| ACTIVITY |
What are the lines from the top of the entries through the one with "doc.units = ezdxf.units.M"? Write them out exactly, with no pictures.

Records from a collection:
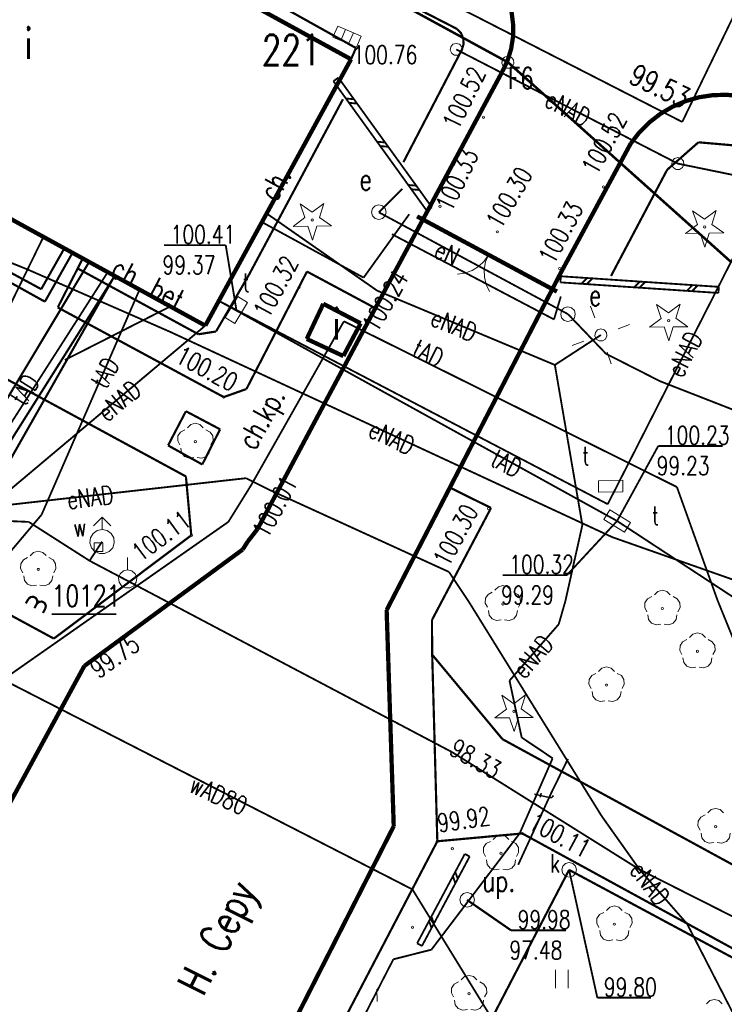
# Model space of a CAD drawing. Header units: metres. Extents: x 7501691 to 7504871, y 5814048 to 5814963.
# Tile 57 of 90: x 7504146 to 7504175, y 5814680 to 5814721. Entities that reach past the tile are written whole.
import ezdxf
from ezdxf.enums import TextEntityAlignment as Align

# ---------------------------------------------------------------- set-up
doc = ezdxf.new("R2010")
doc.units = ezdxf.units.M
doc.header["$MEASUREMENT"] = 0
for name, pattern in [('1', [0]), ('11', [3, 2.5, -0.5]), ('BUD', [0]), ('GDE', [0]), ('KOC', [1.5, 1, -0.5]), ('KOJ', [0]), ('UEB', [0]), ('UPC', [0]), ('UPG', [0]), ('UPK', [0]), ('UPT', [0]), ('UPW', [0]), ('WJD', [0])]:
    doc.linetypes.add(name, pattern=pattern)
doc.layers.get('0').update_dxf_attribs({"linetype": 'CONTINUOUS'})
for name, color, linetype, lineweight in [('Dzialki', 7, 'GDE', 18), ('EADOD_T_0', 7, 'CONTINUOUS', 25), ('EADTD_T_0', 7, 'CONTINUOUS', 20), ('EBTPO_L_2', 7, 'CONTINUOUS', 15), ('EBTPO_L_6', 7, 'WJD', 18), ('EBUOA_T_1', 7, 'CONTINUOUS', 20), ('EBUPP_L_1', 7, 'BUD', 35), ('EBUPP_L_3', 7, '1', 35), ('EDZPD_L_0', 7, 'GDE', 20), ('EDZPP_T_0', 7, 'CONTINUOUS', 15), ('Numery_punktow', 7, 'CONTINUOUS', 9), ('Punkty', 7, 'CONTINUOUS', 18), ('SDROK_T_0', 7, 'CONTINUOUS', 18), ('SDROK_T_1', 7, 'CONTINUOUS', 18), ('SDRPK_L_0', 7, 'KOJ', 35), ('SDRPK_L_2', 7, 'KOC', 18), ('SDRPK_L_3', 7, 'KOJ', 35), ('SDRPK_L_5', 7, '11', 18), ('SZNPS_T_0', 7, 'CONTINUOUS', 18), ('SZNPS_T_3', 7, 'CONTINUOUS', 18), ('SZOPO_L_0', 7, 'CONTINUOUS', 35), ('SZOPO_L_5', 3, 'CONTINUOUS', 18), ('SZOPO_T_0', 7, 'CONTINUOUS', 18), ('SZZPZ_T_0', 3, 'CONTINUOUS', 18), ('UCCPOR_L_1', 6, 'UPC', 18), ('UEEOA_T_0', 1, 'CONTINUOUS', 18), ('UEEOO_T_0', 1, 'CONTINUOUS', 15), ('UEEPA_T_1', 7, 'CONTINUOUS', 18), ('UEEPA_T_2', 1, 'CONTINUOUS', 18), ('UEEPA_T_3', 1, 'CONTINUOUS', 18), ('UEEPON_L_0', 1, 'UEB', 15), ('UEEPON_L_1', 1, 'UEB', 15), ('UGGOC_T_1', 30, 'CONTINUOUS', 18), ('UGGPOR_L_0', 2, 'UPG', 15), ('UKKOA_T_0', 3, 'CONTINUOUS', 15), ('UKKOC_T_0', 3, 'CONTINUOUS', 15), ('UKKPA_T_1', 7, 'CONTINUOUS', 18), ('UKKPOD_L_1', 3, 'UPK', 18), ('UTTOA_T_0', 30, 'CONTINUOUS', 15), ('UTTOC_T_0', 30, 'CONTINUOUS', 15), ('UTTOO_T_0', 30, 'CONTINUOUS', 15), ('UTTPA_T_1', 30, 'CONTINUOUS', 18), ('UTTPO_L_1', 30, 'UPT', 15), ('UWWOC_T_0', 150, 'CONTINUOUS', 15), ('UWWOO_T_0', 150, 'CONTINUOUS', 15), ('UWWPA_T_0', 150, 'CONTINUOUS', 18), ('UWWPO_L_0', 150, 'UPW', 15), ('UWWPO_L_1', 150, 'UPW', 15), ('UXXOA_T_0', 3, 'CONTINUOUS', 18), ('UXXOO_T_0', 3, 'CONTINUOUS', 18), ('UXXPA_T_0', 7, 'CONTINUOUS', 18), ('WUKOS_T_1', 7, 'CONTINUOUS', 15), ('WWRPH_T_1', 7, 'CONTINUOUS', 18)]:
    doc.layers.add(name, color=color, linetype=linetype, lineweight=lineweight)
doc.styles.add('STYL_ARIAL', font='simplex', dxfattribs={"width": 0.75, "oblique": 0.1})

# ---------------------------------------------------------------- blocks, each defined once
blk = doc.blocks.new('fdsgfdhgfjh')
at = {"color": 7, "const_width": 0.065}
for points in [[(39.421, -86.572), (-13.328, -60.153), (11.362, -12.054), (8.99, -10.95), (0, 0), (-81.8, -47.02), (-62.575, -47.372), (-25.965, -67.344), (-16.835, -75.512), (354.018, -261.214)], [(354.018, -261.214), (-16.835, -75.512), (-25.965, -67.344), (-62.575, -47.372), (-81.8, -47.02), (-199.98, -55.4), (-249.475, -58.421), (-279.65, -120.1), (-294.335, -151.379), (-297.564, -158.349), (-308.109, -181.788), (-366.317, -157.04), (-372.934, -171.66), (-415.253, -156.218), (-418.222, -156.149), (-420.162, -156.619), (-421.892, -157.639), (-423.341, -159.029), (-424.43, -160.73), (-447.73, -223.13), (-349.93, -261.31), (-342.06, -257), (-231.93, -409.194)]]:
    blk.add_lwpolyline(points, dxfattribs=at)
at = {"layer": 'Dzialki', "color": 7, "const_width": 0.09}
for points in [[(-25.99, -67.35), (-62.6, -47.38)], [(-16.86, -75.52), (-25.99, -67.35)]]:
    blk.add_lwpolyline(points, dxfattribs=at)
at = {"layer": 'EBTPO_L_2', "color": 7, "const_width": 0.075}
for points in [[(-33.136, -68.125), (-32.933, -67.979)], [(-31.86, -69.895), (-33.136, -68.125)], [(-31.657, -69.749), (-32.933, -67.979)], [(-32.295, -68.864), (-32.625, -68.833)], [(-32.167, -69.041), (-32.498, -69.01)], [(-30.38, -71.519), (-31.657, -69.749)], [(-30.583, -71.665), (-31.86, -69.895)], [(-31.019, -70.634), (-31.349, -70.603)], [(-30.891, -70.811), (-31.221, -70.78)], [(-29.307, -73.436), (-30.583, -71.665)], [(-29.104, -73.289), (-30.38, -71.519)], [(-29.742, -72.404), (-30.072, -72.374)], [(-29.615, -72.581), (-29.945, -72.551)], [(-29.307, -73.436), (-29.104, -73.289)], [(-23.822, -76.113), (-23.838, -76.363)], [(-23.822, -76.113), (-21.663, -76.258)], [(-22.975, -76.421), (-22.742, -76.186)], [(-22.759, -76.435), (-22.527, -76.2)], [(-23.838, -76.363), (-21.68, -76.508)], [(-21.68, -76.508), (-19.522, -76.652)], [(-21.663, -76.258), (-19.505, -76.403)], [(-20.817, -76.565), (-20.584, -76.33)], [(-20.601, -76.58), (-20.368, -76.345)], [(-19.505, -76.403), (-17.347, -76.547)], [(-18.659, -76.71), (-18.426, -76.475)], [(-18.443, -76.724), (-18.21, -76.489)], [(-17.347, -76.547), (-17.364, -76.797)], [(-19.522, -76.652), (-17.364, -76.797)], [(-27.754, -99.767), (-28.731, -101.598)], [(-27.555, -99.873), (-28.532, -101.704)], [(-27.555, -99.873), (-27.754, -99.767)], [(-28.242, -100.683), (-28.141, -100.972)], [(-28.145, -100.5), (-28.044, -100.789)], [(-28.731, -101.598), (-29.708, -103.429)], [(-28.532, -101.704), (-29.509, -103.535)], [(-29.122, -102.331), (-29.021, -102.62)], [(-29.219, -102.514), (-29.118, -102.803)], [(-29.509, -103.535), (-29.708, -103.429)]]:
    blk.add_lwpolyline(points, dxfattribs=at)
at = {"layer": 'EBTPO_L_6', "color": 7, "const_width": 0.09}
for points in [[(-45.107, -76.641), (-44.178, -75.002)], [(-44.956, -77.153), (-43.826, -75.153)], [(-47.732, -75.613), (-44.956, -77.153)], [(-47.223, -75.495), (-45.107, -76.641)]]:
    blk.add_lwpolyline(points, dxfattribs=at)
at = {"layer": 'EBUPP_L_1', "color": 7, "const_width": 0.175}
for points in [[(-53.806, -55.5), (-32.415, -67.227)], [(-32.415, -67.227), (-38.386, -78.135)], [(-34.23, -78.68), (-33.55, -77.24)], [(-33.55, -77.24), (-32.02, -78.04)], [(-32.02, -78.04), (-32.73, -79.38)], [(-32.73, -79.38), (-34.23, -78.68)]]:
    blk.add_lwpolyline(points, dxfattribs=at)
at = {"layer": 'EBUPP_L_3', "color": 7, "const_width": 0.175}
blk.add_lwpolyline([(-52.372, -70.467), (-38.386, -78.135)], dxfattribs=at)
at = {"layer": 'EDZPD_L_0', "color": 7, "const_width": 0.1}
for points in [[(-25.987, -67.354), (-62.596, -47.382)], [(-16.856, -75.522), (-25.987, -67.354)]]:
    blk.add_lwpolyline(points, dxfattribs=at)
at = {"layer": 'EDZPP_T_0', "color": 7}
blk.add_lwpolyline([(-25.987, -67.104), (-25.852, -67.144), (-25.759, -67.25), (-25.739, -67.39), (-25.798, -67.518), (-25.916, -67.594), (-26.057, -67.594), (-26.176, -67.518), (-26.234, -67.39), (-26.214, -67.251), (-26.122, -67.144), (-25.987, -67.104)], dxfattribs=at)
at = {"layer": 'Punkty', "color": 7}
blk.add_lwpolyline([(-25.99, -67.1), (-25.855, -67.14), (-25.763, -67.246), (-25.742, -67.386), (-25.801, -67.514), (-25.92, -67.59), (-26.06, -67.59), (-26.179, -67.514), (-26.237, -67.386), (-26.217, -67.246), (-26.125, -67.14), (-25.99, -67.1)], dxfattribs=at)
at = {"layer": 'SDRPK_L_0', "color": 7, "const_width": 0.175}
for points in [[(-25.964, -64.853), (-25.833, -65.331), (-25.772, -65.823), (-25.78, -66.319), (-25.858, -66.809), (-26.004, -67.283), (-26.216, -67.731)], [(-31.42, -77.42), (-26.216, -67.731)], [(-20.959, -70.681), (-20.606, -70.224), (-20.197, -69.815), (-19.74, -69.461), (-19.242, -69.168), (-18.711, -68.941), (-18.155, -68.783), (-17.584, -68.696), (-17.006, -68.683), (-16.431, -68.744), (-15.869, -68.876), (-15.328, -69.079)], [(-23.833, -75.991), (-20.959, -70.681)], [(-23.833, -75.991), (-30.957, -89.783)], [(-36.25, -86.47), (-31.42, -77.42)], [(-36.65, -86.98), (-36.25, -86.47)], [(-36.85, -87.3), (-36.65, -86.98)], [(-30.666, -98.634), (-30.957, -89.783)]]:
    blk.add_lwpolyline(points, dxfattribs=at)
at = {"layer": 'SDRPK_L_2', "color": 7, "const_width": 0.09}
for points in [[(-28.077, -65.983), (-36.407, -61.715)], [(-28.077, -65.983), (-27.913, -66.154), (-27.819, -66.37), (-27.805, -66.606), (-27.873, -66.833)], [(-30.27, -71.441), (-27.873, -66.833)], [(-32.748, -68.866), (-36.607, -76.072)], [(-19.466, -71.755), (-18.183, -70.627)], [(-18.183, -70.627), (-15.97, -70.82)], [(-21.765, -76.102), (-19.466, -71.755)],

| OUTPUT |
# Model space of a CAD drawing. Header units: metres. Extents: x 7501691 to 7504871, y 5814048 to 5814963.
# Tile 57 of 90: x 7504146 to 7504175, y 5814680 to 5814721. Entities that reach past the tile are written whole.
import ezdxf
from ezdxf.enums import TextEntityAlignment as Align

# ---------------------------------------------------------------- set-up
doc = ezdxf.new("R2010")
doc.units = ezdxf.units.M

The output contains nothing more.